ACTIVITY — Exclude pictures and give again exactly the lines of the listing, beginning with its first line and ending with the one that contains "building model written".

DATA UNDER STUDY —
________________
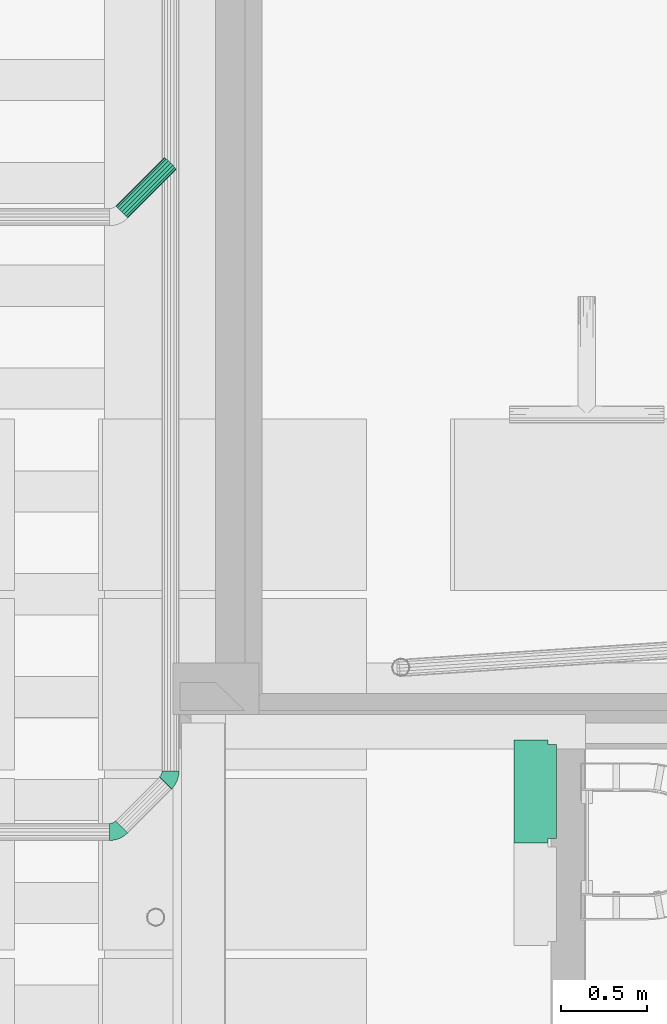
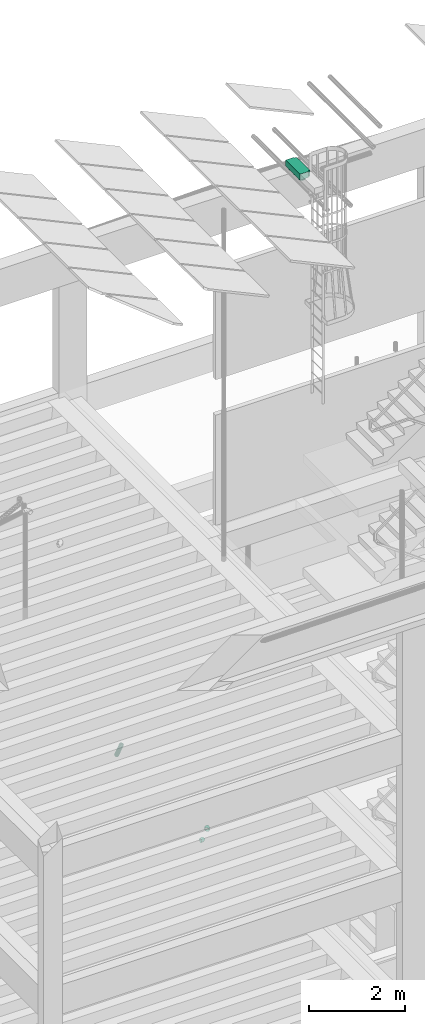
# One storey, part 84 of 106: 3 flow fittings, 1 flow segment.
"""IFC2X3 building model written with IfcOpenShell, lengths in metres."""

from ifc_helpers import new_model, entity, si_unit, converted_unit, derived_unit, money_unit, direction, frame, origin_with_axes, place, context, subcontext, project, spatial, open_shell, faceted_brep, surface_model, material, type_object, element, save


model = new_model("IFC2X3")

# Units and contexts
model_context = context("Model", 3, precision=1e-05, world=origin_with_axes(), true_north=direction((0.0, 1.0)))
body_context = subcontext(model_context, "Body", "Model", "MODEL_VIEW", scale=1.0)
ifc_project = project(units=[si_unit("LENGTHUNIT", "METRE"), si_unit("AREAUNIT", "SQUARE_METRE"), si_unit("VOLUMEUNIT", "CUBIC_METRE"), si_unit("ABSORBEDDOSEUNIT", "GRAY"), si_unit("AMOUNTOFSUBSTANCEUNIT", "MOLE"), si_unit("DOSEEQUIVALENTUNIT", "SIEVERT"), si_unit("ELECTRICCAPACITANCEUNIT", "FARAD"), si_unit("ELECTRICCHARGEUNIT", "COULOMB"), si_unit("ELECTRICCONDUCTANCEUNIT", "SIEMENS"), si_unit("ELECTRICCURRENTUNIT", "AMPERE"), si_unit("ELECTRICRESISTANCEUNIT", "OHM"), si_unit("ELECTRICVOLTAGEUNIT", "VOLT"), si_unit("ENERGYUNIT", "JOULE"), si_unit("FORCEUNIT", "NEWTON"), si_unit("FREQUENCYUNIT", "HERTZ"), si_unit("ILLUMINANCEUNIT", "LUX"), si_unit("INDUCTANCEUNIT", "HENRY"), si_unit("LUMINOUSFLUXUNIT", "LUMEN"), si_unit("LUMINOUSINTENSITYUNIT", "CANDELA"), si_unit("MAGNETICFLUXDENSITYUNIT", "TESLA"), si_unit("MAGNETICFLUXUNIT", "WEBER"), si_unit("MASSUNIT", "GRAM"), converted_unit("PLANEANGLEUNIT", "degree", entity("IfcReal", 0.0174532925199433), si_unit("PLANEANGLEUNIT", "RADIAN"), dimensions=[0, 0, 0, 0, 0, 0, 0]), si_unit("POWERUNIT", "WATT"), si_unit("PRESSUREUNIT", "PASCAL"), si_unit("RADIOACTIVITYUNIT", "BECQUEREL"), si_unit("SOLIDANGLEUNIT", "STERADIAN"), si_unit("THERMODYNAMICTEMPERATUREUNIT", "KELVIN"), si_unit("TIMEUNIT", "SECOND"), derived_unit("ACCELERATIONUNIT", [(si_unit("LENGTHUNIT", "METRE"), 1), (si_unit("TIMEUNIT", "SECOND"), -2)]), derived_unit("ANGULARVELOCITYUNIT", [(converted_unit("PLANEANGLEUNIT", "degree", entity("IfcReal", 0.0174532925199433), si_unit("PLANEANGLEUNIT", "RADIAN"), dimensions=[0, 0, 0, 0, 0, 0, 0]), 1), (si_unit("TIMEUNIT", "SECOND"), -1)]), derived_unit("CURVATUREUNIT", [(converted_unit("PLANEANGLEUNIT", "degree", entity("IfcReal", 0.0174532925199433), si_unit("PLANEANGLEUNIT", "RADIAN"), dimensions=[0, 0, 0, 0, 0, 0, 0]), 1), (si_unit("LENGTHUNIT", "METRE"), -1)]), derived_unit("DYNAMICVISCOSITYUNIT", [(si_unit("PRESSUREUNIT", "PASCAL"), 1), (si_unit("TIMEUNIT", "SECOND"), 1)]), derived_unit("HEATFLUXDENSITYUNIT", [(si_unit("POWERUNIT", "WATT"), 1), (si_unit("LENGTHUNIT", "METRE"), -2)]), derived_unit("HEATINGVALUEUNIT", [(si_unit("ENERGYUNIT", "JOULE"), 1), (si_unit("MASSUNIT", "GRAM"), -1)]), derived_unit("INTEGERCOUNTRATEUNIT", [(si_unit("TIMEUNIT", "SECOND"), -1)]), derived_unit("IONCONCENTRATIONUNIT", [(si_unit("MASSUNIT", "GRAM"), 1), (si_unit("VOLUMEUNIT", "CUBIC_METRE"), -1)]), derived_unit("ISOTHERMALMOISTURECAPACITYUNIT", [(si_unit("VOLUMEUNIT", "CUBIC_METRE"), 1), (si_unit("MASSUNIT", "GRAM"), -1)]), derived_unit("KINEMATICVISCOSITYUNIT", [(si_unit("AREAUNIT", "SQUARE_METRE"), 1), (si_unit("TIMEUNIT", "SECOND"), -1)]), derived_unit("LINEARFORCEUNIT", [(si_unit("FORCEUNIT", "NEWTON"), 1), (si_unit("LENGTHUNIT", "METRE"), -1)]), derived_unit("LINEARMOMENTUNIT", [(si_unit("FORCEUNIT", "NEWTON"), 1), (si_unit("LENGTHUNIT", "METRE"), -1)]), derived_unit("LINEARSTIFFNESSUNIT", [(si_unit("FORCEUNIT", "NEWTON"), 1), (si_unit("LENGTHUNIT", "METRE"), -1)]), derived_unit("LINEARVELOCITYUNIT", [(si_unit("LENGTHUNIT", "METRE"), 1), (si_unit("TIMEUNIT", "SECOND"), -1)]), derived_unit("LUMINOUSINTENSITYDISTRIBUTIONUNIT", [(si_unit("LUMINOUSINTENSITYUNIT", "CANDELA"), 1), (si_unit("LUMINOUSFLUXUNIT", "LUMEN"), -1)]), derived_unit("MASSDENSITYUNIT", [(si_unit("MASSUNIT", "GRAM"), 1), (si_unit("VOLUMEUNIT", "CUBIC_METRE"), -1)]), derived_unit("MASSFLOWRATEUNIT", [(si_unit("MASSUNIT", "GRAM"), 1), (si_unit("TIMEUNIT", "SECOND"), -1)]), derived_unit("MASSPERLENGTHUNIT", [(si_unit("MASSUNIT", "GRAM"), 1), (si_unit("LENGTHUNIT", "METRE"), -1)]), derived_unit("MODULUSOFELASTICITYUNIT", [(si_unit("FORCEUNIT", "NEWTON"), 1), (si_unit("AREAUNIT", "SQUARE_METRE"), -1)]), derived_unit("MODULUSOFLINEARSUBGRADEREACTIONUNIT", [(si_unit("FORCEUNIT", "NEWTON"), 1), (si_unit("LENGTHUNIT", "METRE"), -2)]), derived_unit("MODULUSOFROTATIONALSUBGRADEREACTIONUNIT", [(si_unit("FORCEUNIT", "NEWTON"), 1), (si_unit("LENGTHUNIT", "METRE"), 1)]), derived_unit("MODULUSOFSUBGRADEREACTIONUNIT", [(si_unit("FORCEUNIT", "NEWTON"), 1), (si_unit("VOLUMEUNIT", "CUBIC_METRE"), -1)]), derived_unit("MOISTUREDIFFUSIVITYUNIT", [(si_unit("VOLUMEUNIT", "CUBIC_METRE"), 1), (si_unit("TIMEUNIT", "SECOND"), -1)]), derived_unit("MOLECULARWEIGHTUNIT", [(si_unit("MASSUNIT", "GRAM"), 1), (si_unit("AMOUNTOFSUBSTANCEUNIT", "MOLE"), -1)]), derived_unit("PLANARFORCEUNIT", [(si_unit("FORCEUNIT", "NEWTON"), 1), (si_unit("LENGTHUNIT", "METRE"), -2)]), derived_unit("ROTATIONALFREQUENCYUNIT", [(si_unit("TIMEUNIT", "SECOND"), -1)]), derived_unit("ROTATIONALMASSUNIT", [(si_unit("MASSUNIT", "GRAM"), 1), (si_unit("LENGTHUNIT", "METRE"), 2)]), derived_unit("ROTATIONALSTIFFNESSUNIT", [(si_unit("FORCEUNIT", "NEWTON"), 1), (si_unit("LENGTHUNIT", "METRE"), 1), (converted_unit("PLANEANGLEUNIT", "degree", entity("IfcReal", 0.0174532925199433), si_unit("PLANEANGLEUNIT", "RADIAN"), dimensions=[0, 0, 0, 0, 0, 0, 0]), -1)]), derived_unit("SECTIONAREAINTEGRALUNIT", [(si_unit("LENGTHUNIT", "METRE"), 5)]), derived_unit("SECTIONMODULUSUNIT", [(si_unit("LENGTHUNIT", "METRE"), 3)]), derived_unit("SHEARMODULUSUNIT", [(si_unit("FORCEUNIT", "NEWTON"), 1), (si_unit("AREAUNIT", "SQUARE_METRE"), -1)]), derived_unit("SOUNDPOWERUNIT", [(si_unit("ENERGYUNIT", "JOULE"), 1), (si_unit("TIMEUNIT", "SECOND"), -1)]), derived_unit("SPECIFICHEATCAPACITYUNIT", [(si_unit("FORCEUNIT", "NEWTON"), 1), (si_unit("MASSUNIT", "GRAM"), -1), (si_unit("THERMODYNAMICTEMPERATUREUNIT", "KELVIN"), -1)]), derived_unit("TEMPERATUREGRADIENTUNIT", [(si_unit("THERMODYNAMICTEMPERATUREUNIT", "KELVIN"), 1), (si_unit("LENGTHUNIT", "METRE"), -1)]), derived_unit("THERMALADMITTANCEUNIT", [(si_unit("POWERUNIT", "WATT"), 1), (si_unit("AREAUNIT", "SQUARE_METRE"), -1), (si_unit("THERMODYNAMICTEMPERATUREUNIT", "KELVIN"), -1)]), derived_unit("THERMALCONDUCTANCEUNIT", [(si_unit("POWERUNIT", "WATT"), 1), (si_unit("LENGTHUNIT", "METRE"), -1), (si_unit("THERMODYNAMICTEMPERATUREUNIT", "KELVIN"), -1)]), derived_unit("THERMALEXPANSIONCOEFFICIENTUNIT", [(si_unit("THERMODYNAMICTEMPERATUREUNIT", "KELVIN"), -1)]), derived_unit("THERMALRESISTANCEUNIT", [(si_unit("AREAUNIT", "SQUARE_METRE"), 1), (si_unit("POWERUNIT", "WATT"), -1)]), derived_unit("THERMALTRANSMITTANCEUNIT", [(si_unit("POWERUNIT", "WATT"), 1), (si_unit("AREAUNIT", "SQUARE_METRE"), -1), (si_unit("THERMODYNAMICTEMPERATUREUNIT", "KELVIN"), -1)]), derived_unit("TORQUEUNIT", [(si_unit("FORCEUNIT", "NEWTON"), 1), (si_unit("LENGTHUNIT", "METRE"), 1)]), derived_unit("VAPORPERMEABILITYUNIT", [(si_unit("MASSUNIT", "GRAM"), 1), (si_unit("TIMEUNIT", "SECOND"), -1)]), derived_unit("VOLUMETRICFLOWRATEUNIT", [(si_unit("VOLUMEUNIT", "CUBIC_METRE"), 1), (si_unit("TIMEUNIT", "SECOND"), -1)]), derived_unit("WARPINGCONSTANTUNIT", [(si_unit("LENGTHUNIT", "METRE"), 6)]), derived_unit("WARPINGMOMENTUNIT", [(si_unit("FORCEUNIT", "NEWTON"), 1), (si_unit("LENGTHUNIT", "METRE"), 2)]), money_unit("GBP")], contexts=[model_context])

# Site, building, storey
site_placement = place(None, origin_with_axes())
site = spatial("IfcSite", under=ifc_project, at=site_placement, Name="Site", CompositionType="ELEMENT")
building_placement = place(site_placement, origin_with_axes())
building = spatial("IfcBuilding", under=site, at=building_placement, Name="Building01", CompositionType="ELEMENT")
storey_placement = place(building_placement, origin_with_axes())
storey = spatial("IfcBuildingStorey", under=building, at=storey_placement, Name="GF", CompositionType="ELEMENT", Elevation=0.0)

# Flow fitting
ifc_material_1 = material(Name="M_BSUK_Ventilation")
duct_fitting_type = type_object("IfcDuctFittingType", Name="M-PlenumBoxRoundMultiPort-Side", PredefinedType="JUNCTION")
flow_fitting_1_placement = place(storey_placement, frame((11.1118, 8.399939, 20.689914), z_axis=(-1.0, 0.0, 0.0), x_axis=(0.0, 0.0, 1.0)))
element("IfcFlowFitting", 1, at=flow_fitting_1_placement, inside=storey, type_object=duct_fitting_type, material=ifc_material_1, Name="M-PlenumBoxRoundMultiPort-Side", ObjectType="M-PlenumBoxRoundMultiPort-Side", context=body_context, shape_type="SurfaceModel", body=[
    surface_model("IfcShellBasedSurfaceModel", [(-0.075, 0.3, 0.0), (-0.075, 0.3, 0.2), (-0.075, -0.3, 0.2), (-0.075, -0.3, 0.0), (-0.075, -0.071329, 0.123176), (-0.075, -0.060676, 0.144084), (-0.075, -0.044084, 0.160676), (-0.075, -0.023176, 0.171329), (-0.075, 0.0, 0.175), (-0.075, 0.023176, 0.171329), (-0.075, 0.044084, 0.160676), (-0.075, 0.060676, 0.144084), (-0.075, 0.071329, 0.123176), (-0.075, 0.075, 0.1), (-0.075, 0.071329, 0.076824), (-0.075, 0.060676, 0.055916), (-0.075, 0.044084, 0.039324), (-0.075, 0.023176, 0.028671), (-0.075, 0.0, 0.025), (-0.075, -0.023176, 0.028671), (-0.075, -0.044084, 0.039324), (-0.075, -0.060676, 0.055916), (-0.075, -0.071329, 0.076824), (-0.075, -0.075, 0.1), (-0.075, 0.128671, 0.123176), (-0.075, 0.139324, 0.144084), (-0.075, 0.155916, 0.160676), (-0.075, 0.176824, 0.171329), (-0.075, 0.2, 0.175), (-0.075, 0.223176, 0.171329), (-0.075, 0.244084, 0.160676), (-0.075, 0.260676, 0.144084), (-0.075, 0.271329, 0.123176), (-0.075, 0.275, 0.1), (-0.075, 0.271329, 0.076824), (-0.075, 0.260676, 0.055916), (-0.075, 0.244084, 0.039324), (-0.075, 0.223176, 0.028671), (-0.075, 0.2, 0.025), (-0.075, 0.176824, 0.028671), (-0.075, 0.155916, 0.039324), (-0.075, 0.139324, 0.055916), (-0.075, 0.128671, 0.076824), (-0.075, 0.125, 0.1), (-0.075, -0.271329, 0.123176), (-0.075, -0.260676, 0.144084), (-0.075, -0.244084, 0.160676), (-0.075, -0.223176, 0.171329), (-0.075, -0.2, 0.175), (-0.075, -0.176824, 0.171329), (-0.075, -0.155916, 0.160676), (-0.075, -0.139324, 0.144084), (-0.075, -0.128671, 0.123176), (-0.075, -0.125, 0.1), (-0.075, -0.128671, 0.076824), (-0.075, -0.139324, 0.055916), (-0.075, -0.155916, 0.039324), (-0.075, -0.176824, 0.028671), (-0.075, -0.2, 0.025), (-0.075, -0.223176, 0.028671), (-0.075, -0.244084, 0.039324), (-0.075, -0.260676, 0.055916), (-0.075, -0.271329, 0.076824), (-0.075, -0.275, 0.1), (0.075, 0.3, 0.2), (0.075, 0.3, 0.0), (0.075, -0.3, 0.0), (0.075, -0.3, 0.2), (-0.07495, -0.275, 0.0), (0.07495, -0.275, 0.0), (0.07495, 0.275, 0.0), (-0.07495, 0.275, 0.0), (0.075, 0.275, -0.05), (-0.075, 0.275, -0.05), (-0.075, 0.275, 0.0), (0.075, 0.275, 0.0), (-0.075, -0.275, -0.05), (-0.075, -0.275, 0.0), (0.075, -0.275, -0.05), (0.075, -0.275, 0.0), (-0.125, -0.2, 0.025), (-0.125, -0.223176, 0.028671), (-0.125, -0.244084, 0.039324), (-0.125, -0.260676, 0.055916), (-0.125, -0.271329, 0.076824), (-0.125, -0.275, 0.1), (-0.125, -0.271329, 0.123176), (-0.125, -0.260676, 0.144084), (-0.125, -0.244084, 0.160676), (-0.125, -0.223176, 0.171329), (-0.125, -0.2, 0.175), (-0.125, -0.176824, 0.171329), (-0.125, -0.155916, 0.160676), (-0.125, -0.139324, 0.144084), (-0.125, -0.128671, 0.123176), (-0.125, -0.125, 0.1), (-0.125, -0.128671, 0.076824), (-0.125, -0.139324, 0.055916), (-0.125, -0.155916, 0.039324), (-0.125, -0.176824, 0.028671), (-0.125, 0.0, 0.025), (-0.125, -0.023176, 0.028671), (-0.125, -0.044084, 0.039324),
________________
EXERCISE SOLUTION —
# One storey, part 84 of 106: 3 flow fittings, 1 flow segment.
"""IFC2X3 building model written with IfcOpenShell, lengths in metres."""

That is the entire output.